Director, Office of Workers' Compensation Programs v. Oglebay Norton Co.

RALPH B. GUY, Jr., Circuit Judge,

concurring.

Although I concur in this opinion, I write separately only to convey my view that our resolution does not violate the Benefits Review Board’s concerns expressed in Crabtree v. Bethlehem Steel Corp., 7 B.L.R. 1-354 (1984). In Crabtree, the Board reversed an AU’s finding that Bethlehem Steel was the responsible operator and refused to remand the case to redetermine the identity of the true responsible employer. Consequently, the Board transferred liability to the Black Lung Disability Trust Fund after finding that due process and the efficient administration of the Act require that “the Department ... resolve the operator issue in a preliminary proceeding, and/or proceed against all putative responsible operators at every state of the claims adjudication.” 7 B.L.R. at 1-357 (citation omitted).

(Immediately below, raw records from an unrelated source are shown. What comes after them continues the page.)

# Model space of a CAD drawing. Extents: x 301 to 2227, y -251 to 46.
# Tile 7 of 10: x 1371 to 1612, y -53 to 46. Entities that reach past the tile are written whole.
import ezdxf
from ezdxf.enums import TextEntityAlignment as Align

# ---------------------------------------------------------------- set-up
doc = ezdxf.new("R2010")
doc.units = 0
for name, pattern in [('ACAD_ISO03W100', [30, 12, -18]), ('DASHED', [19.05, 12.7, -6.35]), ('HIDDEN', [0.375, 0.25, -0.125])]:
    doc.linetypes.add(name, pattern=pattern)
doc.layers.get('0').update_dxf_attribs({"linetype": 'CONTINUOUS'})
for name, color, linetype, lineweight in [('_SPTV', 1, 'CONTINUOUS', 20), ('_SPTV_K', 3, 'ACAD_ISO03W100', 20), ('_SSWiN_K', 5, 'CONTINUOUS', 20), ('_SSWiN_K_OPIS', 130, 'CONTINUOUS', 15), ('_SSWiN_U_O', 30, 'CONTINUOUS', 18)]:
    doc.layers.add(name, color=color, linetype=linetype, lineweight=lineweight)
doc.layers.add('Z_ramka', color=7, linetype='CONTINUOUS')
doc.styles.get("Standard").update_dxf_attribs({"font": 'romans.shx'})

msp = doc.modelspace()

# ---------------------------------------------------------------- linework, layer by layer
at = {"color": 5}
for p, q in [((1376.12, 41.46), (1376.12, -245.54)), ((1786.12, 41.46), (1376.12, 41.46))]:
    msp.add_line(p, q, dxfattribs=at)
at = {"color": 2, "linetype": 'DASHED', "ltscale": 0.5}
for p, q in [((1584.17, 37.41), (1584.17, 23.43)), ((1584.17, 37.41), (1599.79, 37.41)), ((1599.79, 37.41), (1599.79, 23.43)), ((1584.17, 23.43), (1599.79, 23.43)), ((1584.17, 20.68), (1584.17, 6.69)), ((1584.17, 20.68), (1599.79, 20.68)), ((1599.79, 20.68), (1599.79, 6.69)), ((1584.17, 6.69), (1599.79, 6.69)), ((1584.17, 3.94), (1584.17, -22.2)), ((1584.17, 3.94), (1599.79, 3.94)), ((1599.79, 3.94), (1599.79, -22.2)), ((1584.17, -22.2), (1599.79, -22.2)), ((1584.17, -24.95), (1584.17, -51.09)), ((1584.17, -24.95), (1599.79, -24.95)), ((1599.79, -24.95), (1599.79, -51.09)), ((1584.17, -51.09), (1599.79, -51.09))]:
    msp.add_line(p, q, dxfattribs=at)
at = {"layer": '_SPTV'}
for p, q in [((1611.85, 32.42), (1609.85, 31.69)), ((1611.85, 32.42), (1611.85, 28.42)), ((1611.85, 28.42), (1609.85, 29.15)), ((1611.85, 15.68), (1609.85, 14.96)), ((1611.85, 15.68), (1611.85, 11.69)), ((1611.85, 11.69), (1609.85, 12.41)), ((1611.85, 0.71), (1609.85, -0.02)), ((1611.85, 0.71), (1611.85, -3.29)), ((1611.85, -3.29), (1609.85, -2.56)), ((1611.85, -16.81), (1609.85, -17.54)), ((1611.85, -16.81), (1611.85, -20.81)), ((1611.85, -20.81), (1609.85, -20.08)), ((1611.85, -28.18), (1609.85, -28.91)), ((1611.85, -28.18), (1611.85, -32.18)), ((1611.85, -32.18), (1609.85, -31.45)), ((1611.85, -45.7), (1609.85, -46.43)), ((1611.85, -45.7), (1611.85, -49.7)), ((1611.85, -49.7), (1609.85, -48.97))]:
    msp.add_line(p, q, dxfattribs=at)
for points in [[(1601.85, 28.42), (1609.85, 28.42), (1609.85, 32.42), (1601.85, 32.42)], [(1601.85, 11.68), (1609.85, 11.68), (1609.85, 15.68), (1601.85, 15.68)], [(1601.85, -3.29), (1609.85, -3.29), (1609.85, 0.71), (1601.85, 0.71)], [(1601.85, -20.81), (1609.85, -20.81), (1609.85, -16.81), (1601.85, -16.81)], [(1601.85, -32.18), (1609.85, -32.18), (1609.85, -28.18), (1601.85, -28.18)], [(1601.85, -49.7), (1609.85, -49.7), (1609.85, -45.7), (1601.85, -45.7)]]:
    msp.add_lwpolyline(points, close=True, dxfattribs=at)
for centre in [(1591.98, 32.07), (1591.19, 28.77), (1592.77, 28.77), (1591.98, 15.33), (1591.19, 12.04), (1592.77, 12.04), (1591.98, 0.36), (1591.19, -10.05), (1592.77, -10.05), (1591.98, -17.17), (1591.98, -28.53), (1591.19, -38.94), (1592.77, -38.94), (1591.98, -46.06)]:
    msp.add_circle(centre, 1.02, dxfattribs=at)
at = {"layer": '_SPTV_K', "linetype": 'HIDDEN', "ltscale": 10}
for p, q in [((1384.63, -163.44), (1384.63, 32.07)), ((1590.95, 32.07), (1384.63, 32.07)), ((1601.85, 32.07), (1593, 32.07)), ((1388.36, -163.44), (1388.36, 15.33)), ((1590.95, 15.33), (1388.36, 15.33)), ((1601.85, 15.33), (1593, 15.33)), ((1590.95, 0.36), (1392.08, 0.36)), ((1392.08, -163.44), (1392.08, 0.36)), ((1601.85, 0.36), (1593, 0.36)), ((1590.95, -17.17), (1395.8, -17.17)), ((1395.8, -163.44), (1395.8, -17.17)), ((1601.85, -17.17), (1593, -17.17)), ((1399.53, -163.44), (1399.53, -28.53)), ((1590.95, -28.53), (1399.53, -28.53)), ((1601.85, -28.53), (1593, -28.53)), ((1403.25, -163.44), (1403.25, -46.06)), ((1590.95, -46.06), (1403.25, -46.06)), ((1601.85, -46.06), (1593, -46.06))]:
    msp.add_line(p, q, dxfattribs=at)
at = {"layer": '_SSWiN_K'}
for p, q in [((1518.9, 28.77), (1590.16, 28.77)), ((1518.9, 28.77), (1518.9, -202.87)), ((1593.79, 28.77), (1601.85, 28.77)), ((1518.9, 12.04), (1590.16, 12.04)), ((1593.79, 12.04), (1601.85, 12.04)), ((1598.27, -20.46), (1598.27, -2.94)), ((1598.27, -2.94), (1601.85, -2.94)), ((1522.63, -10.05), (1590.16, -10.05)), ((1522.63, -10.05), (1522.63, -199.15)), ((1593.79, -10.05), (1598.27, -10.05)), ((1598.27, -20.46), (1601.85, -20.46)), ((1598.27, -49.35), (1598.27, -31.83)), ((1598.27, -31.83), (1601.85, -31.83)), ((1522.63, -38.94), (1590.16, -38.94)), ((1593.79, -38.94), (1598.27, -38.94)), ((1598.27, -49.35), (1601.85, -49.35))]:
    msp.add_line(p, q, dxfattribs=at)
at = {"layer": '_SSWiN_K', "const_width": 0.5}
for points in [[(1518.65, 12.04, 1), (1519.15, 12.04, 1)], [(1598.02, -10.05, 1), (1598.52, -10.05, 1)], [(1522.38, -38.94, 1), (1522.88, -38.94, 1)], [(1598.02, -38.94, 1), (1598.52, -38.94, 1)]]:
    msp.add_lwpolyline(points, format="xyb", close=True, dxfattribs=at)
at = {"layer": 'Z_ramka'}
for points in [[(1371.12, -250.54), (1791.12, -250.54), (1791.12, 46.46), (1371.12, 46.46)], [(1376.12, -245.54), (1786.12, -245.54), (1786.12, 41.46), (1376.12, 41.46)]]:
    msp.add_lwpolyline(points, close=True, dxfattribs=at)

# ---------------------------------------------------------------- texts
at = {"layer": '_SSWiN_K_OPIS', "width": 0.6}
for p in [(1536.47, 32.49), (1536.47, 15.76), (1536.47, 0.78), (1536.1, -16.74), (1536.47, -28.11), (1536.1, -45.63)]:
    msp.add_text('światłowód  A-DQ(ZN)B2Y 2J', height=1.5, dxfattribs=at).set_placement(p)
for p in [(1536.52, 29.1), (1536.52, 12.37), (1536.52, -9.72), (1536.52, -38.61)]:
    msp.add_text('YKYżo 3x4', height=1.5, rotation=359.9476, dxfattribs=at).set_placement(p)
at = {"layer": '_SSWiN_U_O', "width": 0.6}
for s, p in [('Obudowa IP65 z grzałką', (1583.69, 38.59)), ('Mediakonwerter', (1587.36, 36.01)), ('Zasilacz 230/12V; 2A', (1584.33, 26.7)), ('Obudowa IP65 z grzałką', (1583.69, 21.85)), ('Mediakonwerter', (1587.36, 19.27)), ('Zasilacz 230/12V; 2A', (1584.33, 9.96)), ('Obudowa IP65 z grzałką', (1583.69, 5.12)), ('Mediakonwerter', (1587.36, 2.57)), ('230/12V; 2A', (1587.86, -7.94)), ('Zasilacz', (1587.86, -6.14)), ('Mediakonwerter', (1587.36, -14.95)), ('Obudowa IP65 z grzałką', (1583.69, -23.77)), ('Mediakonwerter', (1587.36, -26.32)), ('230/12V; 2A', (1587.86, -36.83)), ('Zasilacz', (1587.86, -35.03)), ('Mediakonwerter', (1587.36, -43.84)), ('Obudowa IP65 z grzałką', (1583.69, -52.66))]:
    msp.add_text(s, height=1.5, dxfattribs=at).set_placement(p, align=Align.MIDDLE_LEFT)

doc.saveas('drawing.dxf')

It seems to me that the AU and Board erred in finding Crabtree outcome determinative in this case. In its election not to remand for reconsideration of the operator issue, the Crabtree Board expressed the following two concerns:

First, a claimant who has established entitlement in the first round of proceedings may lose his award in a later round against another operator. A first finding of entitlement, even though fully developed and litigated, can be defeated in subsequent proceedings by a different operator, and not always on the merits. Second, piecemeal litigation obviously is not compatible with the efficient administration of the Act and expeditious processing of claims.

7 B.L.R. at 1-357.

In Crabtree, the case had been fully litigated on the merits before it was determined that the claimant was an independent contractor vis-a-vis the named employer, thereby insulating that employer from liability as the responsible operator. In contrast, in the instant case there was not so much as a hearing involving the initially named responsible employer (Y & 0).

Although Goddard received a “Notice of Initial Finding” of entitlement to benefits, that initial finding was not a “fully developed and litigated” finding of entitlement. Rather, it was an initial administrative determination made by a Department of Labor claims examiner. That initial determination sets in motion the procedural machinery for claims adjudication, which permits entitlement to be contested and fully litigated before an AU. Although, in contesting its liability for benefit payments, Y & O submitted medical evidence refuting claimant’s entitlement and sought a hearing on both this issue and on its designa*1306tion as the responsible operator, the issue of entitlement was never fully developed or litigated before an AU. Instead, without more, the matter was disposed of on summary judgment dismissing Y & 0 as the responsible operator. Hence, because the claimant never had to defend the initial entitlement determination against Y & O, I find no due process rights implicated or other injustice in exposing the claimant to the possibility of having to defend the initial determination against Oglebay. Likewise, as noted in the majority opinion, Oglebay has access to evidence developed by others before and after Goddard’s death, as well as its own developed evidence with which to defend against the claim on remand.

Moreover, I view the Board’s concern in Crabtree about piecemeal litigation and efficient administration of the Act as intrinsically tied to the Board’s desire to avoid the inconvenience and delay inherent in relit-igation of claims. In fact, in concluding that the operator issue must be resolved in a preliminary proceeding and/or a proceeding against all putative responsible operators at each stage of processing the claim, the Board noted that “[even a separate preliminary proceeding on the operator issue alone is more desirable than fully litigating the claim against each operator individually].” 7 B.L.R. at 1-357 (emphasis added). Here, the claim was never fully litigated against anyone by anyone. Thus, the prospect of relitigation that the Board found repugnant in Crabtree is absent here.

Accordingly, I concur in the reversal of the Board’s decision and find that such resolution is neither inconsistent with nor contraindicated by the concerns expressed in Crabtree.